- _Action item_
Omit every picture, then return the listing verbatim.

- _Dataset_
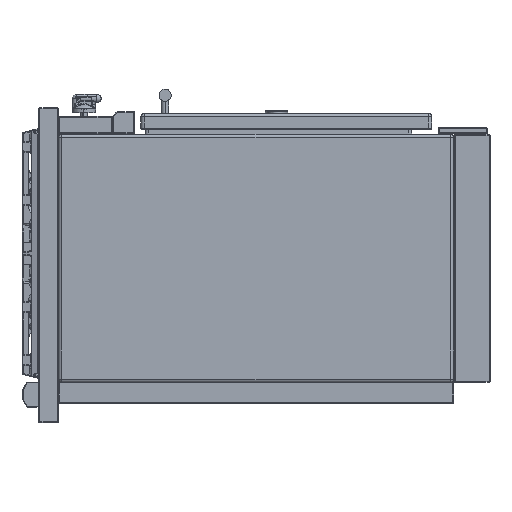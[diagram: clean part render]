
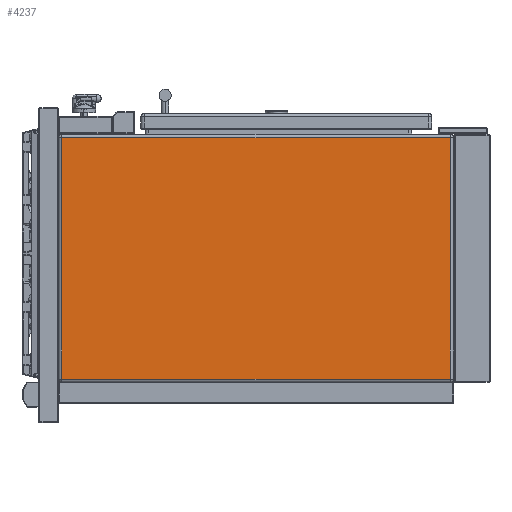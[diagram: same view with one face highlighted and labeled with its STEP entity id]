
A CAD part, left-side view. The second image highlights one B-rep face of the part: STEP entity #4237.
In plain terms, the highlighted planar face has unit normal (-1, 0, 0).
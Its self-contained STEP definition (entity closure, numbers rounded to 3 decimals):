
#542=DIRECTION('',(0.,1.,0.));
#543=VECTOR('',#542,801.);
#544=CARTESIAN_POINT('',(-750.,82.,249.));
#545=LINE('',#544,#543);
#546=DIRECTION('',(0.,0.,1.));
#547=VECTOR('',#546,498.);
#548=CARTESIAN_POINT('',(-750.,82.,-249.));
#549=LINE('',#548,#547);
#550=DIRECTION('',(0.,-1.,0.));
#551=VECTOR('',#550,801.);
#552=CARTESIAN_POINT('',(-750.,883.,-249.));
#553=LINE('',#552,#551);
#554=DIRECTION('',(0.,0.,-1.));
#555=VECTOR('',#554,498.);
#556=CARTESIAN_POINT('',(-750.,883.,249.));
#557=LINE('',#556,#555);
#2949=CARTESIAN_POINT('',(-750.,82.,249.));
#2950=CARTESIAN_POINT('',(-750.,883.,249.));
#2951=VERTEX_POINT('',#2949);
#2952=VERTEX_POINT('',#2950);
#2953=CARTESIAN_POINT('',(-750.,82.,-249.));
#2954=VERTEX_POINT('',#2953);
#2971=CARTESIAN_POINT('',(-750.,883.,-249.));
#2972=VERTEX_POINT('',#2971);
#4224=CARTESIAN_POINT('',(-750.,0.,0.));
#4225=DIRECTION('',(1.,0.,0.));
#4226=DIRECTION('',(0.,0.,-1.));
#4227=AXIS2_PLACEMENT_3D('',#4224,#4225,#4226);
#4228=PLANE('',#4227);
#4230=ORIENTED_EDGE('',*,*,#4229,.F.);
#4232=ORIENTED_EDGE('',*,*,#4231,.F.);
#4233=ORIENTED_EDGE('',*,*,#4215,.F.);
#4234=ORIENTED_EDGE('',*,*,#4021,.F.);
#4235=EDGE_LOOP('',(#4230,#4232,#4233,#4234));
#4236=FACE_OUTER_BOUND('',#4235,.F.);
#4021=EDGE_CURVE('',#2952,#2972,#557,.T.);
#4215=EDGE_CURVE('',#2972,#2954,#553,.T.);
#4229=EDGE_CURVE('',#2951,#2952,#545,.T.);
#4231=EDGE_CURVE('',#2954,#2951,#549,.T.);
#4237=ADVANCED_FACE('',(#4236),#4228,.F.);

- _Output of the exercise_
[diagram: clean part render]
[diagram: same view with one face highlighted and labeled with its STEP entity id]
A CAD part, left-side view. The second image highlights one B-rep face of the part: STEP entity #4237.
In plain terms, the highlighted planar face has unit normal (-1, 0, 0).
Its self-contained STEP definition (entity closure, numbers rounded to 3 decimals):
#542=DIRECTION('',(0.,1.,0.));
#543=VECTOR('',#542,801.);
#544=CARTESIAN_POINT('',(-750.,82.,249.));
#545=LINE('',#544,#543);
#546=DIRECTION('',(0.,0.,1.));
#547=VECTOR('',#546,498.);
#548=CARTESIAN_POINT('',(-750.,82.,-249.));
#549=LINE('',#548,#547);
#550=DIRECTION('',(0.,-1.,0.));
#551=VECTOR('',#550,801.);
#552=CARTESIAN_POINT('',(-750.,883.,-249.));
#553=LINE('',#552,#551);
#554=DIRECTION('',(0.,0.,-1.));
#555=VECTOR('',#554,498.);
#556=CARTESIAN_POINT('',(-750.,883.,249.));
#557=LINE('',#556,#555);
#2949=CARTESIAN_POINT('',(-750.,82.,249.));
#2950=CARTESIAN_POINT('',(-750.,883.,249.));
#2951=VERTEX_POINT('',#2949);
#2952=VERTEX_POINT('',#2950);
#2953=CARTESIAN_POINT('',(-750.,82.,-249.));
#2954=VERTEX_POINT('',#2953);
#2971=CARTESIAN_POINT('',(-750.,883.,-249.));
#2972=VERTEX_POINT('',#2971);
#4224=CARTESIAN_POINT('',(-750.,0.,0.));
#4225=DIRECTION('',(1.,0.,0.));
#4226=DIRECTION('',(0.,0.,-1.));
#4227=AXIS2_PLACEMENT_3D('',#4224,#4225,#4226);
#4228=PLANE('',#4227);
#4230=ORIENTED_EDGE('',*,*,#4229,.F.);
#4232=ORIENTED_EDGE('',*,*,#4231,.F.);
#4233=ORIENTED_EDGE('',*,*,#4215,.F.);
#4234=ORIENTED_EDGE('',*,*,#4021,.F.);
#4235=EDGE_LOOP('',(#4230,#4232,#4233,#4234));
#4236=FACE_OUTER_BOUND('',#4235,.F.);
#4021=EDGE_CURVE('',#2952,#2972,#557,.T.);
#4215=EDGE_CURVE('',#2972,#2954,#553,.T.);
#4229=EDGE_CURVE('',#2951,#2952,#545,.T.);
#4231=EDGE_CURVE('',#2954,#2951,#549,.T.);
#4237=ADVANCED_FACE('',(#4236),#4228,.F.);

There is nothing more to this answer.